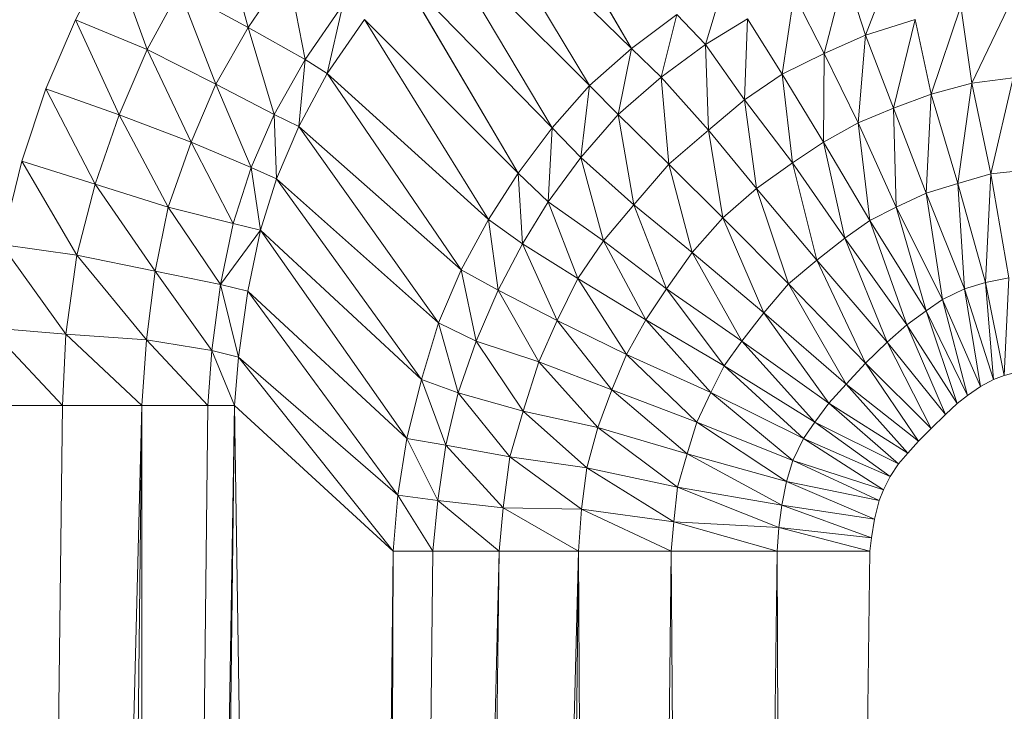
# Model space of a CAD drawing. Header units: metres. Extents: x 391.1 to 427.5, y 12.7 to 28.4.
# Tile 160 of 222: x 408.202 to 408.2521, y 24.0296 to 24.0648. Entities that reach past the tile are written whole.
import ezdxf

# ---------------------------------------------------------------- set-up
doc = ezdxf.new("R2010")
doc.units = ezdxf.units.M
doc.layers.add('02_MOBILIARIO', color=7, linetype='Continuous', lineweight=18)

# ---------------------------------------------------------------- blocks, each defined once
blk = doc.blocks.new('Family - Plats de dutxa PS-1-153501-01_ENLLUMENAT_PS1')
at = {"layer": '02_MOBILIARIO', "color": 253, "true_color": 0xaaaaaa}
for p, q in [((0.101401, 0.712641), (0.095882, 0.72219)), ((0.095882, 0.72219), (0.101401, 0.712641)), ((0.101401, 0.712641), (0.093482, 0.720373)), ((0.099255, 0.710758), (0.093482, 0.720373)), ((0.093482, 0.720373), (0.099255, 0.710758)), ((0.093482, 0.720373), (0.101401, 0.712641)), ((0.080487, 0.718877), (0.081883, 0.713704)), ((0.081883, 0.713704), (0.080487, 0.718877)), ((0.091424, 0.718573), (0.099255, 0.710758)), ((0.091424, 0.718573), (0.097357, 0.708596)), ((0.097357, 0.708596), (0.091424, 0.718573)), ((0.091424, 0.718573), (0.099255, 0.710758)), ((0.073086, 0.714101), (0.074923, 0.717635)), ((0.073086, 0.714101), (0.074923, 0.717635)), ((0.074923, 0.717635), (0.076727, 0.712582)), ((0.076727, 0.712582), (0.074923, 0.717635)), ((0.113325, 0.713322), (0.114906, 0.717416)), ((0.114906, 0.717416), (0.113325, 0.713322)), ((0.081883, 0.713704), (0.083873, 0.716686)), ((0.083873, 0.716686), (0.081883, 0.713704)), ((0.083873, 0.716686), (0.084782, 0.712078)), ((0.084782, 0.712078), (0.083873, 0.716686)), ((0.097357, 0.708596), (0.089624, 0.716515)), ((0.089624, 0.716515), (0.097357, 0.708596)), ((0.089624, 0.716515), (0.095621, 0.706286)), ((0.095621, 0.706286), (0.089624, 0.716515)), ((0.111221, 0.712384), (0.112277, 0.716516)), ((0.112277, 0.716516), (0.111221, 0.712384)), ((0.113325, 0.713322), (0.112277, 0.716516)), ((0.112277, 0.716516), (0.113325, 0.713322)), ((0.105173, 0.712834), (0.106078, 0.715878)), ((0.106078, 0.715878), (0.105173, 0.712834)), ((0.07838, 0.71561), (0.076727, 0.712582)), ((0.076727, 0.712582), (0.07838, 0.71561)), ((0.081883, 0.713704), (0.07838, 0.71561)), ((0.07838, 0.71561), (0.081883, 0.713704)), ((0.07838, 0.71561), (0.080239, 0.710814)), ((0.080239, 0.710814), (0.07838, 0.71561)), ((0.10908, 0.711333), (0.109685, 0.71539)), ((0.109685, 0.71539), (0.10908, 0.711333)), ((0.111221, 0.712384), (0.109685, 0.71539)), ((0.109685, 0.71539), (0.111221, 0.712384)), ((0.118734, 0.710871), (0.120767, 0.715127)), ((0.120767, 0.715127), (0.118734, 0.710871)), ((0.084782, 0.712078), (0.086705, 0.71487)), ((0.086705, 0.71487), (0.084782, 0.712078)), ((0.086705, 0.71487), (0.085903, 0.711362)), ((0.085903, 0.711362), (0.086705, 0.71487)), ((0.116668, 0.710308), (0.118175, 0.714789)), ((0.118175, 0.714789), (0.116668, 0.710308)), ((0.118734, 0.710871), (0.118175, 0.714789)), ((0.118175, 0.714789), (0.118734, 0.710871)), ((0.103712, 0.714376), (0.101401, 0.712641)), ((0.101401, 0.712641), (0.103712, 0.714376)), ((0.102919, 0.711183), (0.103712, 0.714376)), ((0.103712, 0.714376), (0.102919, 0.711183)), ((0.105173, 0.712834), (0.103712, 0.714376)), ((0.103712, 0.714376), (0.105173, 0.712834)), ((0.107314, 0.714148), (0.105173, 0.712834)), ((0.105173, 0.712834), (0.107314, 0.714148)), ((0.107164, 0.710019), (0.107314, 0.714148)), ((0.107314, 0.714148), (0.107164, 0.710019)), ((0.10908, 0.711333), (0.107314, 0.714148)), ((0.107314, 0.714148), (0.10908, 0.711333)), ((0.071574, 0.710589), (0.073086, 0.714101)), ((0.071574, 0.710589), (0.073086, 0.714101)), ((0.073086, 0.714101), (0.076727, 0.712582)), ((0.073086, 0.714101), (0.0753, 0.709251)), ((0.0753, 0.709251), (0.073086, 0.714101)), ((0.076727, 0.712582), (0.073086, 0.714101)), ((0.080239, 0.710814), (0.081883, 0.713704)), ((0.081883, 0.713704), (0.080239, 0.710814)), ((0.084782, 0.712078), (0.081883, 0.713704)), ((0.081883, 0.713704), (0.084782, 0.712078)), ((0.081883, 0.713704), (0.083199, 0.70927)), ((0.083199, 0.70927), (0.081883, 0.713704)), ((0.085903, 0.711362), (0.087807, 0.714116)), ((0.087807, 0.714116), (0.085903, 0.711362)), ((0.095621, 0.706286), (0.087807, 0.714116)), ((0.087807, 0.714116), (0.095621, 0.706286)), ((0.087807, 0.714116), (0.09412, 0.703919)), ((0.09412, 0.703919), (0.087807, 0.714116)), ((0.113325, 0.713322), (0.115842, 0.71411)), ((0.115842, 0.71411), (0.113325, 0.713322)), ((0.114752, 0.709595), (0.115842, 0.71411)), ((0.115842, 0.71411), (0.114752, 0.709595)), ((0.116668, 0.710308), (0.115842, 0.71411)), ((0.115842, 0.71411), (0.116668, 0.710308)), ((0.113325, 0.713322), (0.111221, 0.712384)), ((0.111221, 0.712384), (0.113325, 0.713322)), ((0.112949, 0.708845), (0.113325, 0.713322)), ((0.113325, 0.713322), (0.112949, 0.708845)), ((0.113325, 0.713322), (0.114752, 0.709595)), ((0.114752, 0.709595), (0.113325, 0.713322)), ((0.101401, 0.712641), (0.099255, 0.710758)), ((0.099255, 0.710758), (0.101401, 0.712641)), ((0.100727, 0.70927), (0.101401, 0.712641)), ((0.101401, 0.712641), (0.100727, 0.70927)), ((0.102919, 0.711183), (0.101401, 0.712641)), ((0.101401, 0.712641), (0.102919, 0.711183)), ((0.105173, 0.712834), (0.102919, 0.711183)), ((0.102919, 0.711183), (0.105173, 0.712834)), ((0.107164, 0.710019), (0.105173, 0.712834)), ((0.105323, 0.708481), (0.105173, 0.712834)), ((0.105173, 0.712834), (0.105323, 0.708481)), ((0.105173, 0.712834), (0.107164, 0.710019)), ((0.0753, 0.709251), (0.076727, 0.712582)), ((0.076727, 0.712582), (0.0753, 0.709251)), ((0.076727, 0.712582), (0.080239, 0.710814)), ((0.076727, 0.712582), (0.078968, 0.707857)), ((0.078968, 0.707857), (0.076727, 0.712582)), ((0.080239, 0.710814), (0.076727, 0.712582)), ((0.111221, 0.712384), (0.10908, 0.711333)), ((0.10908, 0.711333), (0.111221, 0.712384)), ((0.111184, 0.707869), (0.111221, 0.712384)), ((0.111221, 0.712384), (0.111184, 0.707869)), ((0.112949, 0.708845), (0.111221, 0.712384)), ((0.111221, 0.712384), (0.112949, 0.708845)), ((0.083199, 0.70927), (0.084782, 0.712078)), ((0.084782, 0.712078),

## [Work order]
Leave out the pictures and reproduce the rest of the listing exactly.

## [Task output]
# Model space of a CAD drawing. Header units: metres. Extents: x 391.1 to 427.5, y 12.7 to 28.4.
# Tile 160 of 222: x 408.202 to 408.2521, y 24.0296 to 24.0648. Entities that reach past the tile are written whole.
import ezdxf

# ---------------------------------------------------------------- set-up
doc = ezdxf.new("R2010")
doc.units = ezdxf.units.M
doc.layers.add('02_MOBILIARIO', color=7, linetype='Continuous', lineweight=18)

# ---------------------------------------------------------------- blocks, each defined once
blk = doc.blocks.new('Family - Plats de dutxa PS-1-153501-01_ENLLUMENAT_PS1')
at = {"layer": '02_MOBILIARIO', "color": 253, "true_color": 0xaaaaaa}
for p, q in [((0.101401, 0.712641), (0.095882, 0.72219)), ((0.095882, 0.72219), (0.101401, 0.712641)), ((0.101401, 0.712641), (0.093482, 0.720373)), ((0.099255, 0.710758), (0.093482, 0.720373)), ((0.093482, 0.720373), (0.099255, 0.710758)), ((0.093482, 0.720373), (0.101401, 0.712641)), ((0.080487, 0.718877), (0.081883, 0.713704)), ((0.081883, 0.713704), (0.080487, 0.718877)), ((0.091424, 0.718573), (0.099255, 0.710758)), ((0.091424, 0.718573), (0.097357, 0.708596)), ((0.097357, 0.708596), (0.091424, 0.718573)), ((0.091424, 0.718573), (0.099255, 0.710758)), ((0.073086, 0.714101), (0.074923, 0.717635)), ((0.073086, 0.714101), (0.074923, 0.717635)), ((0.074923, 0.717635), (0.076727, 0.712582)), ((0.076727, 0.712582), (0.074923, 0.717635)), ((0.113325, 0.713322), (0.114906, 0.717416)), ((0.114906, 0.717416), (0.113325, 0.713322)), ((0.081883, 0.713704), (0.083873, 0.716686)), ((0.083873, 0.716686), (0.081883, 0.713704)), ((0.083873, 0.716686), (0.084782, 0.712078)), ((0.084782, 0.712078), (0.083873, 0.716686)), ((0.097357, 0.708596), (0.089624, 0.716515)), ((0.089624, 0.716515), (0.097357, 0.708596)), ((0.089624, 0.716515), (0.095621, 0.706286)), ((0.095621, 0.706286), (0.089624, 0.716515)), ((0.111221, 0.712384), (0.112277, 0.716516)), ((0.112277, 0.716516), (0.111221, 0.712384)), ((0.113325, 0.713322), (0.112277, 0.716516)), ((0.112277, 0.716516), (0.113325, 0.713322)), ((0.105173, 0.712834), (0.106078, 0.715878)), ((0.106078, 0.715878), (0.105173, 0.712834)), ((0.07838, 0.71561), (0.076727, 0.712582)), ((0.076727, 0.712582), (0.07838, 0.71561)), ((0.081883, 0.713704), (0.07838, 0.71561)), ((0.07838, 0.71561), (0.081883, 0.713704)), ((0.07838, 0.71561), (0.080239, 0.710814)), ((0.080239, 0.710814), (0.07838, 0.71561)), ((0.10908, 0.711333), (0.109685, 0.71539)), ((0.109685, 0.71539), (0.10908, 0.711333)), ((0.111221, 0.712384), (0.109685, 0.71539)), ((0.109685, 0.71539), (0.111221, 0.712384)), ((0.118734, 0.710871), (0.120767, 0.715127)), ((0.120767, 0.715127), (0.118734, 0.710871)), ((0.084782, 0.712078), (0.086705, 0.71487)), ((0.086705, 0.71487), (0.084782, 0.712078)), ((0.086705, 0.71487), (0.085903, 0.711362)), ((0.085903, 0.711362), (0.086705, 0.71487)), ((0.116668, 0.710308), (0.118175, 0.714789)), ((0.118175, 0.714789), (0.116668, 0.710308)), ((0.118734, 0.710871), (0.118175, 0.714789)), ((0.118175, 0.714789), (0.118734, 0.710871)), ((0.103712, 0.714376), (0.101401, 0.712641)), ((0.101401, 0.712641), (0.103712, 0.714376)), ((0.102919, 0.711183), (0.103712, 0.714376)), ((0.103712, 0.714376), (0.102919, 0.711183)), ((0.105173, 0.712834), (0.103712, 0.714376)), ((0.103712, 0.714376), (0.105173, 0.712834)), ((0.107314, 0.714148), (0.105173, 0.712834)), ((0.105173, 0.712834), (0.107314, 0.714148)), ((0.107164, 0.710019), (0.107314, 0.714148)), ((0.107314, 0.714148), (0.107164, 0.710019)), ((0.10908, 0.711333), (0.107314, 0.714148)), ((0.107314, 0.714148), (0.10908, 0.711333)), ((0.071574, 0.710589), (0.073086, 0.714101)), ((0.071574, 0.710589), (0.073086, 0.714101)), ((0.073086, 0.714101), (0.076727, 0.712582)), ((0.073086, 0.714101), (0.0753, 0.709251)), ((0.0753, 0.709251), (0.073086, 0.714101)), ((0.076727, 0.712582), (0.073086, 0.714101)), ((0.080239, 0.710814), (0.081883, 0.713704)), ((0.081883, 0.713704), (0.080239, 0.710814)), ((0.084782, 0.712078), (0.081883, 0.713704)), ((0.081883, 0.713704), (0.084782, 0.712078)), ((0.081883, 0.713704), (0.083199, 0.70927)), ((0.083199, 0.70927), (0.081883, 0.713704)), ((0.085903, 0.711362), (0.087807, 0.714116)), ((0.087807, 0.714116), (0.085903, 0.711362)), ((0.095621, 0.706286), (0.087807, 0.714116)), ((0.087807, 0.714116), (0.095621, 0.706286)), ((0.087807, 0.714116), (0.09412, 0.703919)), ((0.09412, 0.703919), (0.087807, 0.714116)), ((0.113325, 0.713322), (0.115842, 0.71411)), ((0.115842, 0.71411), (0.113325, 0.713322)), ((0.114752, 0.709595), (0.115842, 0.71411)), ((0.115842, 0.71411), (0.114752, 0.709595)), ((0.116668, 0.710308), (0.115842, 0.71411)), ((0.115842, 0.71411), (0.116668, 0.710308)), ((0.113325, 0.713322), (0.111221, 0.712384)), ((0.111221, 0.712384), (0.113325, 0.713322)), ((0.112949, 0.708845), (0.113325, 0.713322)), ((0.113325, 0.713322), (0.112949, 0.708845)), ((0.113325, 0.713322), (0.114752, 0.709595)), ((0.114752, 0.709595), (0.113325, 0.713322)), ((0.101401, 0.712641), (0.099255, 0.710758)), ((0.099255, 0.710758), (0.101401, 0.712641)), ((0.100727, 0.70927), (0.101401, 0.712641)), ((0.101401, 0.712641), (0.100727, 0.70927)), ((0.102919, 0.711183), (0.101401, 0.712641)), ((0.101401, 0.712641), (0.102919, 0.711183)), ((0.105173, 0.712834), (0.102919, 0.711183)), ((0.102919, 0.711183), (0.105173, 0.712834)), ((0.107164, 0.710019), (0.105173, 0.712834)), ((0.105323, 0.708481), (0.105173, 0.712834)), ((0.105173, 0.712834), (0.105323, 0.708481)), ((0.105173, 0.712834), (0.107164, 0.710019)), ((0.0753, 0.709251), (0.076727, 0.712582)), ((0.076727, 0.712582), (0.0753, 0.709251)), ((0.076727, 0.712582), (0.080239, 0.710814)), ((0.076727, 0.712582), (0.078968, 0.707857)), ((0.078968, 0.707857), (0.076727, 0.712582)), ((0.080239, 0.710814), (0.076727, 0.712582)), ((0.111221, 0.712384), (0.10908, 0.711333)), ((0.10908, 0.711333), (0.111221, 0.712384)), ((0.111184, 0.707869), (0.111221, 0.712384)), ((0.111221, 0.712384), (0.111184, 0.707869)), ((0.112949, 0.708845), (0.111221, 0.712384)), ((0.111221, 0.712384), (0.112949, 0.708845)), ((0.083199, 0.70927), (0.084782, 0.712078)), ((0.084782, 0.712078),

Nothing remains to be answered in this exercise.